Maclure, Carlton’s 243-game triple premiership player who last saw Collins in Port Douglas, remembered his old teammate as tearaway footballer who’d fared well against the Blues in earlier contests.

“They got him from Footscray because he was speedy and quick, and he always gave us a lot of trouble when we played them,” Maclure said.

“I’m not quite sure why he missed out in ’79, but he fitted into the club quite well. He was a very affable sort of bloke and quite a nice guy.”

A family friend Bernie Mouritz, said from Perth yesterday that the entire Hyden community was shocked and deeply saddened with the loss of one of its own.

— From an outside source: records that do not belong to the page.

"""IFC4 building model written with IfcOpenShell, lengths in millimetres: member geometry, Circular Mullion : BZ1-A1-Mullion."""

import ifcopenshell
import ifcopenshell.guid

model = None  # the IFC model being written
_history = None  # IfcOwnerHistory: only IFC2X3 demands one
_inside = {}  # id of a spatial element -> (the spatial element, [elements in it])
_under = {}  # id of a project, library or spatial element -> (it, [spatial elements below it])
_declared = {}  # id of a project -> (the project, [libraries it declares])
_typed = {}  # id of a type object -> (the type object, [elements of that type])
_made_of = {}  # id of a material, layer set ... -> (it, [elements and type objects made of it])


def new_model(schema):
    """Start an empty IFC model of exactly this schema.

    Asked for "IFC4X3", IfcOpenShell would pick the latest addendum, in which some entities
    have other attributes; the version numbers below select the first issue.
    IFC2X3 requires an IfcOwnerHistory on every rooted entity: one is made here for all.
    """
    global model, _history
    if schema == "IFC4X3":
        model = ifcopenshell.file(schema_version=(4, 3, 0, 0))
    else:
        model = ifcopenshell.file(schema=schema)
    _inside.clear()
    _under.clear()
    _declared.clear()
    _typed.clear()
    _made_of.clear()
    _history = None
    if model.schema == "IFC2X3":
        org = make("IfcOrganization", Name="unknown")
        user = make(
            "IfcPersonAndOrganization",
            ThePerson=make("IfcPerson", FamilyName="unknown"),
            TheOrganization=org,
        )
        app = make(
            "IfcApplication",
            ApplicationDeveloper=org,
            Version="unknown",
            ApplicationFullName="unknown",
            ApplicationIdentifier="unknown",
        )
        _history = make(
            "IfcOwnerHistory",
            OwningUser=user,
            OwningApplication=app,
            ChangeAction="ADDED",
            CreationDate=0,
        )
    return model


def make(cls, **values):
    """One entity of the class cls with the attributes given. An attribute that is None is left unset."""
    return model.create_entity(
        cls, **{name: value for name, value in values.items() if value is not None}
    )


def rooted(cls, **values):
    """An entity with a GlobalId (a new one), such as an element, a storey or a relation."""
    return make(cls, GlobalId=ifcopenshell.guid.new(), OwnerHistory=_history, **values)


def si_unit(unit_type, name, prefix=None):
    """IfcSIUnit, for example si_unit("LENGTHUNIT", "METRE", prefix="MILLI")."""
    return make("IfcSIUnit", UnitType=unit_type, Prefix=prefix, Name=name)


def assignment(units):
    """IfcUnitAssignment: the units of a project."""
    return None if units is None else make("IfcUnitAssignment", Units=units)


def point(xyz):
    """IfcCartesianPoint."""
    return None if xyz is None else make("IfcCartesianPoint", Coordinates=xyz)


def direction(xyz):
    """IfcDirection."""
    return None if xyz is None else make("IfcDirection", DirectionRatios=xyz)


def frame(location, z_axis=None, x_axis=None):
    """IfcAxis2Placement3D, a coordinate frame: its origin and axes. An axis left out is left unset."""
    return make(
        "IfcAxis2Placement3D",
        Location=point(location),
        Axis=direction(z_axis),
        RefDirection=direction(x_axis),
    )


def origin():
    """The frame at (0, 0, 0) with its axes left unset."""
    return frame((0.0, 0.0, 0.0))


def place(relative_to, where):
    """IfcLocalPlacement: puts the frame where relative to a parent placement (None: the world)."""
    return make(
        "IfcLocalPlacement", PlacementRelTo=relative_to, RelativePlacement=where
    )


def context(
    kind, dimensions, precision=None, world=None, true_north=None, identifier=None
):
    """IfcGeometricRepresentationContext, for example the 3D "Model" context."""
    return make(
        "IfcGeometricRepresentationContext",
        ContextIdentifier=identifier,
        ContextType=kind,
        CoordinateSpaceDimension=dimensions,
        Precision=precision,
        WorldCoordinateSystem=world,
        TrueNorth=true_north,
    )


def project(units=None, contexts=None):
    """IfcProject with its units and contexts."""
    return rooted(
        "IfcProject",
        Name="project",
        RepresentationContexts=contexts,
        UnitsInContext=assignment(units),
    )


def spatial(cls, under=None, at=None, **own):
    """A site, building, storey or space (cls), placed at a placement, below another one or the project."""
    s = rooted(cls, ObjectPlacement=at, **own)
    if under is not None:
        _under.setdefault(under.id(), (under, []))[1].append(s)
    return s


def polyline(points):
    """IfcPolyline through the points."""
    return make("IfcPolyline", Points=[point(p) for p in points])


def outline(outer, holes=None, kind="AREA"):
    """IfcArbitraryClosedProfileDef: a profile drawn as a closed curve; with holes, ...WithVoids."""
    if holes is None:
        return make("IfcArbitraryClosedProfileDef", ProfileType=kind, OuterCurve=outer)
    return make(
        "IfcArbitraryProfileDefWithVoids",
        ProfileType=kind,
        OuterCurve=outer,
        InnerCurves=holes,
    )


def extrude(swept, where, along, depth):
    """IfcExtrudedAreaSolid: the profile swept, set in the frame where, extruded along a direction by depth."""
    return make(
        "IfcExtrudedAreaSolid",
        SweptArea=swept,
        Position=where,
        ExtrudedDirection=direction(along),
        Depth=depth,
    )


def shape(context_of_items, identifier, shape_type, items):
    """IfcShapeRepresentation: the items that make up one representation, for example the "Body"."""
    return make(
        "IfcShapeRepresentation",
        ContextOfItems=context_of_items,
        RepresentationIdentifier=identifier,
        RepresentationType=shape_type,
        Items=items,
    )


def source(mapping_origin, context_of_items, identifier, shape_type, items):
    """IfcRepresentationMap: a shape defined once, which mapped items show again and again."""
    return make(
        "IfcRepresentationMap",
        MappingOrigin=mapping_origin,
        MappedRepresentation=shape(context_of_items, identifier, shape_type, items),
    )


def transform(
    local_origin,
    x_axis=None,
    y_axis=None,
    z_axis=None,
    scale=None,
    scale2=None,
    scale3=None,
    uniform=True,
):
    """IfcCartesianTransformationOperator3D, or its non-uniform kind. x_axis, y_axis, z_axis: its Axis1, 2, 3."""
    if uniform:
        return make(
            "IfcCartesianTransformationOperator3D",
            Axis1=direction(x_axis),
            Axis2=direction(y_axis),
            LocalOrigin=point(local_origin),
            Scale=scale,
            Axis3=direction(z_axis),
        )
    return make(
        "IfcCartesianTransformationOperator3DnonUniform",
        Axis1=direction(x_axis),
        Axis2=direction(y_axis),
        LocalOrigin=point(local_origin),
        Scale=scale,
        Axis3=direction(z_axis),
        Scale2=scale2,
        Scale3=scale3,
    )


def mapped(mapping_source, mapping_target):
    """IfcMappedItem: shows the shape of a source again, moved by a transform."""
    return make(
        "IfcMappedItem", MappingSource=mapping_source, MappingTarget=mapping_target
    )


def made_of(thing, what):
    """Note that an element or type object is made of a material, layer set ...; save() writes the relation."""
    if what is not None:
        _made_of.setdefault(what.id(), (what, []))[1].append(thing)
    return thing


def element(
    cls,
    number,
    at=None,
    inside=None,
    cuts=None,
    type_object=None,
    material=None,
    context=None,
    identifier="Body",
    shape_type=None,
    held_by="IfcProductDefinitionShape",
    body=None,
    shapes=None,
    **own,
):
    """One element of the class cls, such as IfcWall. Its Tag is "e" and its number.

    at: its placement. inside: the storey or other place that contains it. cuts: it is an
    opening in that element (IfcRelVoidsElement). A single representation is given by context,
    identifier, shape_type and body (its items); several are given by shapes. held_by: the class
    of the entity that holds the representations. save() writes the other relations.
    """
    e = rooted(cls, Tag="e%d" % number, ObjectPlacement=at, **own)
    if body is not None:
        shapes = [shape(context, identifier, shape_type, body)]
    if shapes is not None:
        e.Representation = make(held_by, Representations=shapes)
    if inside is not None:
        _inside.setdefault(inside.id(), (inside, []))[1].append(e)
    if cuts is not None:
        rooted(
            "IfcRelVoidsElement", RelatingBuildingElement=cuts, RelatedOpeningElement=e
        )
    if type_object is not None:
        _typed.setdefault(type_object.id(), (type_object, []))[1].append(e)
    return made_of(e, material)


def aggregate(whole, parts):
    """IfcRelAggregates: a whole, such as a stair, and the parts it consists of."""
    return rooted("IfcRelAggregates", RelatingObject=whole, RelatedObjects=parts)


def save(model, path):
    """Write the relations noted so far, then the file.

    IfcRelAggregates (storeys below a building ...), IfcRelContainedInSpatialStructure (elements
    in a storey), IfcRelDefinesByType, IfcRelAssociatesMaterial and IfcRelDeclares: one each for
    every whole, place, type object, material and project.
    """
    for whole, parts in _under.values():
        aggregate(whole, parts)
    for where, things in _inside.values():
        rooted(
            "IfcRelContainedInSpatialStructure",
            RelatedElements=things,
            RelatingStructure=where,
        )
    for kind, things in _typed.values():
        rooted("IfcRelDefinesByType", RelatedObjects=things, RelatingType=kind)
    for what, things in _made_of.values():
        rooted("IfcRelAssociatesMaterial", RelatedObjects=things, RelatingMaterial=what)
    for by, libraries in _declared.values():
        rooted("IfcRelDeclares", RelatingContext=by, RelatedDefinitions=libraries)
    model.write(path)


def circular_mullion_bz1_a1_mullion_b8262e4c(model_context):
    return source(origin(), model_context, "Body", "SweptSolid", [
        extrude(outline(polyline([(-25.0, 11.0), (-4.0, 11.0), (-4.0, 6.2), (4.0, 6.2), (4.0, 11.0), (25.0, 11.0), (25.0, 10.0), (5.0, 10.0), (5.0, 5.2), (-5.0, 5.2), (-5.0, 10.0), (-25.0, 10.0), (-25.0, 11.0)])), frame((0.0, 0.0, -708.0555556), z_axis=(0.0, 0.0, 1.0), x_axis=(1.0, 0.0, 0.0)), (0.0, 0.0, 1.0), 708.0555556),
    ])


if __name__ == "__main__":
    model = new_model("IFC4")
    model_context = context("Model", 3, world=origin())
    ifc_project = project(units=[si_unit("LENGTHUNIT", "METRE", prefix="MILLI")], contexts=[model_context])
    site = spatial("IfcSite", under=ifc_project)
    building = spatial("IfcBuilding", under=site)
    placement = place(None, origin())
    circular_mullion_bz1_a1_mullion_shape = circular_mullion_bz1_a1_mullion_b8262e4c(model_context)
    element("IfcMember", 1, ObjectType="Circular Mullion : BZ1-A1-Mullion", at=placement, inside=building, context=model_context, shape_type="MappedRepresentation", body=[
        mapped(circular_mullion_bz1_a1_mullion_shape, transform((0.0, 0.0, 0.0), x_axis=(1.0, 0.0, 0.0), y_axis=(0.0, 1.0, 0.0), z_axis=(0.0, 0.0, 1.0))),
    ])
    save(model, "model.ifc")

“Denis was here in Perth only ten days ago having a kick of the footy with my young bloke,” Mouritz said. “I spoke to him again the other day, he’d been to the doctor about his high blood pressure, but he’d had tests and was on medication and everybody thought ‘Okay, he’s got it under control’”. He was feeling good about life and was looking forward to the coming season .It was all coming together, then this. We are all gutted."

Mouritz said that Collins complained to his wife early yesterday that he was feeling unwell and promptly checked himself in to the local Silver Chain Medical Centre. The flying doctor was called, arrived and every care was available and taken. But Collins suffered a massive heart attack while being stabilized and could not be revived.

“Denis was a good man, he was community-spirited and didn’t ever ask you to do anything he wasn’t able to do himself on or off the footy or cricket field. Anybody who has a hard word to say about him is probably jealous because he could actually do it,” Mouritz said.

“He leaves a massive void, a huge hole in the community. Ironically he’d just helped raise funds for the Royal Flying Doctor Service. He built the infrastructure and had automated the lighting system at The Hyden airstrip so that the flying doctor could arrive at any time at all.

Collins is survived by his loving wife Sheenagh and the many friends he had made over his time in Hyden.

Funeral arrangements are yet to be determined.